● **PROBLEM**:
Please repeat the lines below exactly. Begin with the line containing "made of it])" and go on through the line containing "which some entities".

● **GIVEN DATA**:
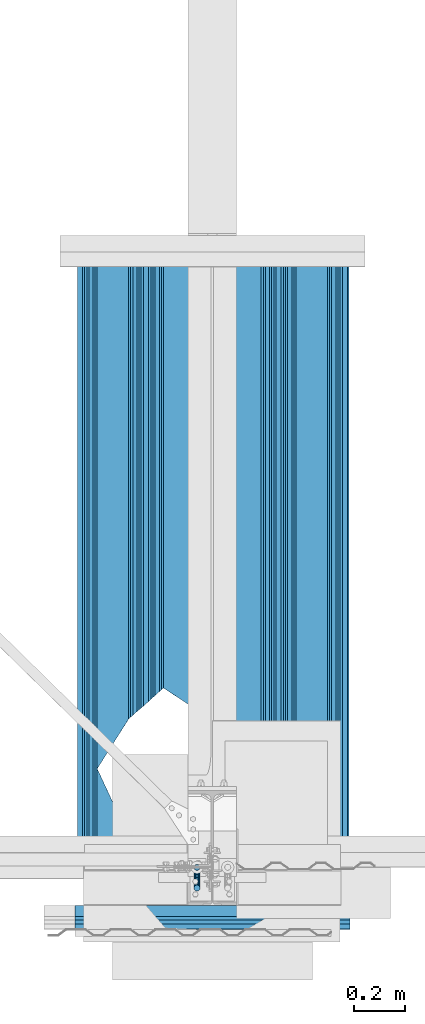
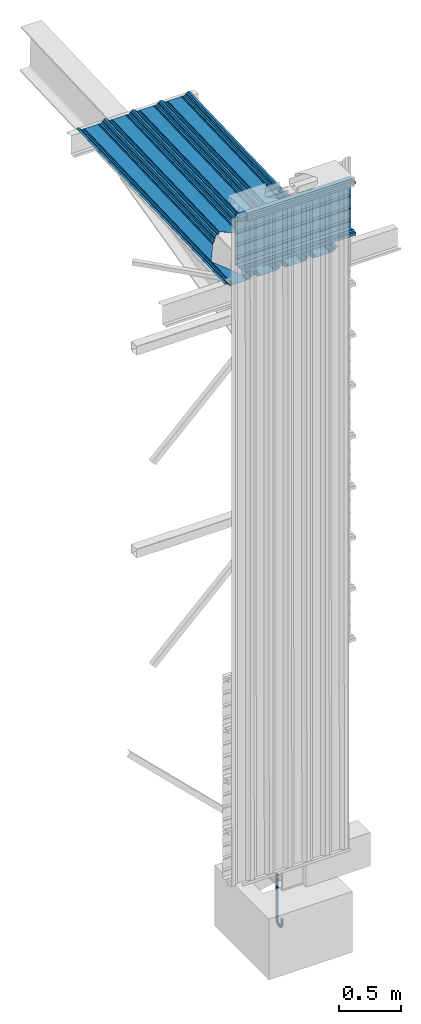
# One storey, part 6 of 21: 3 beams.
"""IFC2X3 building model written with IfcOpenShell, lengths in millimetres."""

import ifcopenshell
import ifcopenshell.guid

model = None  # the IFC model being written
_history = None  # IfcOwnerHistory: only IFC2X3 demands one
_inside = {}  # id of a spatial element -> (the spatial element, [elements in it])
_under = {}  # id of a project, library or spatial element -> (it, [spatial elements below it])
_declared = {}  # id of a project -> (the project, [libraries it declares])
_typed = {}  # id of a type object -> (the type object, [elements of that type])
_made_of = {}  # id of a material, layer set ... -> (it, [elements and type objects made of it])


def new_model(schema):
    """Start an empty IFC model of exactly this schema.

    Asked for "IFC4X3", IfcOpenShell would pick the latest addendum, in which some entities
    have other attributes; the version numbers below select the first issue.
    IFC2X3 requires an IfcOwnerHistory on every rooted entity: one is made here for all.
    """
    global model, _history
    if schema == "IFC4X3":
        model = ifcopenshell.file(schema_version=(4, 3, 0, 0))
    else:
        model = ifcopenshell.file(schema=schema)
    _inside.clear()
    _under.clear()
    _declared.clear()
    _typed.clear()
    _made_of.clear()
    _history = None
    if model.schema == "IFC2X3":
        org = make("IfcOrganization", Name="unknown")
        user = make(
            "IfcPersonAndOrganization",
            ThePerson=make("IfcPerson", FamilyName="unknown"),
            TheOrganization=org,
        )
        app = make(
            "IfcApplication",
            ApplicationDeveloper=org,
            Version="unknown",
            ApplicationFullName="unknown",
            ApplicationIdentifier="unknown",
        )
        _history = make(
            "IfcOwnerHistory",
            OwningUser=user,
            OwningApplication=app,
            ChangeAction="ADDED",
            CreationDate=0,
        )
    return model


def make(cls, **values):
    """One entity of the class cls with the attributes given. An attribute that is None is left unset."""
    return model.create_entity(
        cls, **{name: value for name, value in values.items() if value is not None}
    )


def rooted(cls, **values):
    """An entity with a GlobalId (a new one), such as an element, a storey or a relation."""
    return make(cls, GlobalId=ifcopenshell.guid.new(), OwnerHistory=_history, **values)


def si_unit(unit_type, name, prefix=None):
    """IfcSIUnit, for example si_unit("LENGTHUNIT", "METRE", prefix="MILLI")."""
    return make("IfcSIUnit", UnitType=unit_type, Prefix=prefix, Name=name)


def assignment(units):
    """IfcUnitAssignment: the units of a project."""
    return None if units is None else make("IfcUnitAssignment", Units=units)


def point(xyz):
    """IfcCartesianPoint."""
    return None if xyz is None else make("IfcCartesianPoint", Coordinates=xyz)


def direction(xyz):
    """IfcDirection."""
    return None if xyz is None else make("IfcDirection", DirectionRatios=xyz)


def frame(location, z_axis=None, x_axis=None):
    """IfcAxis2Placement3D, a coordinate frame: its origin and axes. An axis left out is left unset."""
    return make(
        "IfcAxis2Placement3D",
        Location=point(location),
        Axis=direction(z_axis),
        RefDirection=direction(x_axis),
    )


def origin_with_axes():
    """The frame at (0, 0, 0) with the z axis (0, 0, 1) and the x axis (1, 0, 0) written out."""
    return frame((0.0, 0.0, 0.0), z_axis=(0.0, 0.0, 1.0), x_axis=(1.0, 0.0, 0.0))


def place(relative_to, where):
    """IfcLocalPlacement: puts the frame where relative to a parent placement (None: the world)."""
    return make(
        "IfcLocalPlacement", PlacementRelTo=relative_to, RelativePlacement=where
    )


def context(
    kind, dimensions, precision=None, world=None, true_north=None, identifier=None
):
    """IfcGeometricRepresentationContext, for example the 3D "Model" context."""
    return make(
        "IfcGeometricRepresentationContext",
        ContextIdentifier=identifier,
        ContextType=kind,
        CoordinateSpaceDimension=dimensions,
        Precision=precision,
        WorldCoordinateSystem=world,
        TrueNorth=true_north,
    )


def project(units=None, contexts=None):
    """IfcProject with its units and contexts."""
    return rooted(
        "IfcProject",
        Name="project",
        RepresentationContexts=contexts,
        UnitsInContext=assignment(units),
    )


def spatial(cls, under=None, at=None, **own):
    """A site, building, storey or space (cls), placed at a placement, below another one or the project."""
    s = rooted(cls, ObjectPlacement=at, **own)
    if under is not None:
        _under.setdefault(under.id(), (under, []))[1].append(s)
    return s


def faces_of(points, faces, orient=None, outer=None):
    """IfcFace entities. A face is a list of loops; a loop is a list of indices into points, from 0.

    orient and outer hold one flag for each loop. By default every Orientation is true, the
    first loop of a face is its IfcFaceOuterBound and the others are IfcFaceBound.
    """
    made = []
    for i, loops in enumerate(faces):
        bounds = []
        for j, loop in enumerate(loops):
            is_outer = j == 0 if outer is None else outer[i][j]
            bounds.append(
                make(
                    "IfcFaceOuterBound" if is_outer else "IfcFaceBound",
                    Bound=make("IfcPolyLoop", Polygon=[points[k] for k in loop]),
                    Orientation=True if orient is None else orient[i][j],
                )
            )
        made.append(make("IfcFace", Bounds=bounds))
    return made


def faceted_brep(points, faces, orient=None, outer=None, voids=None):
    """IfcFacetedBrep: a solid bounded by flat faces; with voids (closed shells), ...WithVoids."""
    shared = [point(p) for p in points]
    hull = make("IfcClosedShell", CfsFaces=faces_of(shared, faces, orient, outer))
    if voids is None:
        return make("IfcFacetedBrep", Outer=hull)
    return make(
        "IfcFacetedBrepWithVoids",
        Outer=hull,
        Voids=[
            make(cls, CfsFaces=faces_of(shared, fs, o, b)) for cls, fs, o, b in voids
        ],
    )


def shape(context_of_items, identifier, shape_type, items):
    """IfcShapeRepresentation: the items that make up one representation, for example the "Body"."""
    return make(
        "IfcShapeRepresentation",
        ContextOfItems=context_of_items,
        RepresentationIdentifier=identifier,
        RepresentationType=shape_type,
        Items=items,
    )


def material(Name=None, Category=None):
    """IfcMaterial."""
    return make("IfcMaterial", Name=Name, Category=Category)


def made_of(thing, what):
    """Note that an element or type object is made of a material, layer set ...; save() writes the relation."""
    if what is not None:
        _made_of.setdefault(what.id(), (what, []))[1].append(thing)
    return thing


def type_object(cls, material=None, **own):
    """A type object (cls), such as IfcWallType, which elements share."""
    return made_of(rooted(cls, **own), material)


def element(
    cls,
    number,
    at=None,
    inside=None,
    cuts=None,
    type_object=None,
    material=None,
    context=None,
    identifier="Body",
    shape_type=None,
    held_by="IfcProductDefinitionShape",
    body=None,
    shapes=None,
    **own,
):
    """One element of the class cls, such as IfcWall. Its Tag is "e" and its number.

    at: its placement. inside: the storey or other place that contains it. cuts: it is an
    opening in that element (IfcRelVoidsElement). A single representation is given by context,
    identifier, shape_type and body (its items); several are given by shapes. held_by: the class
    of the entity that holds the representations. save() writes the other relations.
    """
    e = rooted(cls, Tag="e%d" % number, ObjectPlacement=at, **own)
    if body is not None:
        shapes = [shape(context, identifier, shape_type, body)]
    if shapes is not None:
        e.Representation = make(held_by, Representations=shapes)
    if inside is not None:
        _inside.setdefault(inside.id(), (inside, []))[1].append(e)
    if cuts is not None:
        rooted(
            "IfcRelVoidsElement", RelatingBuildingElement=cuts, RelatedOpeningElement=e
        )
    if type_object is not None:
        _typed.setdefault(type_object.id(), (type_object, []))[1].append(e)
    return made_of(e, material)


def aggregate(whole, parts):
    """IfcRelAggregates: a whole, such as a stair, and the parts it consists of."""
    return rooted("IfcRelAggregates", RelatingObject=whole, RelatedObjects=parts)


def save(model, path):
    """Write the relations noted so far, then the file.

    IfcRelAggregates (storeys below a building ...), IfcRelContainedInSpatialStructure (elements
    in a storey), IfcRelDefinesByType, IfcRelAssociatesMaterial and IfcRelDeclares: one each for
    every whole, place, type object, material and project.
    """
    for whole, parts in _under.values():
        aggregate(whole, parts)
    for where, things in _inside.values():
        rooted(
            "IfcRelContainedInSpatialStructure",
            RelatedElements=things,
            RelatingStructure=where,
        )
    for kind, things in _typed.values():
        rooted("IfcRelDefinesByType", RelatedObjects=things, RelatingType=kind)
    for what, things in _made_of.values():
        rooted("IfcRelAssociatesMaterial", RelatedObjects=things, RelatingMaterial=what)
    for by, libraries in _declared.values():
        rooted("IfcRelDeclares", RelatingContext=by, RelatedDefinitions=libraries)
    model.write(path)


model = new_model("IFC2X3")

# Units and contexts
model_context_1 = context("Model", 3, precision=1e-05, world=origin_with_axes(), identifier="Body")
model_context_2 = context("Model", 3, precision=1e-05, world=origin_with_axes())
ifc_project = project(units=[si_unit("LENGTHUNIT", "METRE", prefix="MILLI"), si_unit("AREAUNIT", "SQUARE_METRE"), si_unit("VOLUMEUNIT", "CUBIC_METRE"), si_unit("MASSUNIT", "GRAM", prefix="KILO"), si_unit("TIMEUNIT", "SECOND"), si_unit("PLANEANGLEUNIT", "RADIAN"), si_unit("SOLIDANGLEUNIT", "STERADIAN"), si_unit("THERMODYNAMICTEMPERATUREUNIT", "DEGREE_CELSIUS"), si_unit("LUMINOUSINTENSITYUNIT", "LUMEN")], contexts=[model_context_1, model_context_2])

# Site, building, storey
site_placement = place(None, origin_with_axes())
site = spatial("IfcSite", under=ifc_project, at=site_placement, Name="Undefined", CompositionType="ELEMENT")
building_placement = place(site_placement, origin_with_axes())
building = spatial("IfcBuilding", under=site, at=building_placement, Name="Undefined", CompositionType="ELEMENT")
storey_placement = place(building_placement, origin_with_axes())
storey = spatial("IfcBuildingStorey", under=building, at=storey_placement, Name="Undefined", CompositionType="ELEMENT")

# Beams
ifc_material = material(Name="STEEL/S235JR")
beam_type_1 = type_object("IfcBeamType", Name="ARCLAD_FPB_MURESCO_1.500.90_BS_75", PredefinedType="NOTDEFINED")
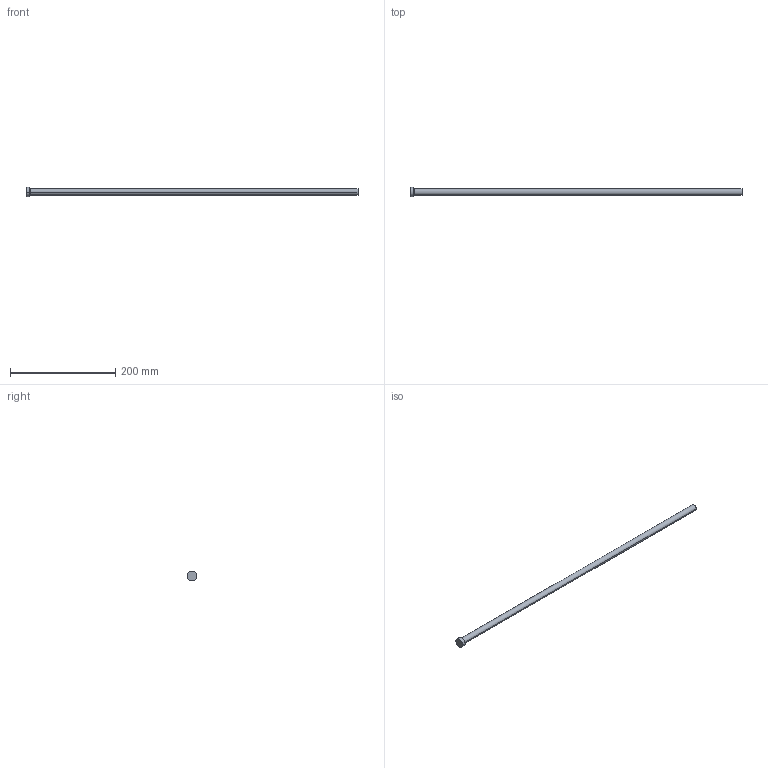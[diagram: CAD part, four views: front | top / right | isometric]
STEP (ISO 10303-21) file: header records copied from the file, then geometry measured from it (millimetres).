
FILE_DESCRIPTION (( 'STEP AP214' ), '1' );
FILE_NAME ('A-12x630.STEP', '2020-05-29T16:14:24', ( 'August' ), ( '' ), 'SwSTEP 2.0', 'SolidWorks 2018', '' );
FILE_SCHEMA (( 'AUTOMOTIVE_DESIGN' ));
Length unit declared in the file: millimetre
Products named in the file (1): A-12x630
Bounding box: 630 x 18 x 18 mm (x, y, z)
Volume: 72246.3 mm3; surface area: 24378.7 mm2
Topology: 1 solids, 1 shells, 9 faces, 16 edges, 10 vertices
Faces by surface type: cylinder 4, plane 3, torus 2
Entity records: 260 total; most frequent: DIRECTION 48, CARTESIAN_POINT 36, ORIENTED_EDGE 32, AXIS2_PLACEMENT_3D 22, EDGE_CURVE 16, CIRCLE 12, EDGE_LOOP 10, VERTEX_POINT 10

● **EXERCISE RESULT**:
_made_of = {}  # id of a material, layer set ... -> (it, [elements and type objects made of it])


def new_model(schema):
    """Start an empty IFC model of exactly this schema.

    Asked for "IFC4X3", IfcOpenShell would pick the latest addendum, in which some entities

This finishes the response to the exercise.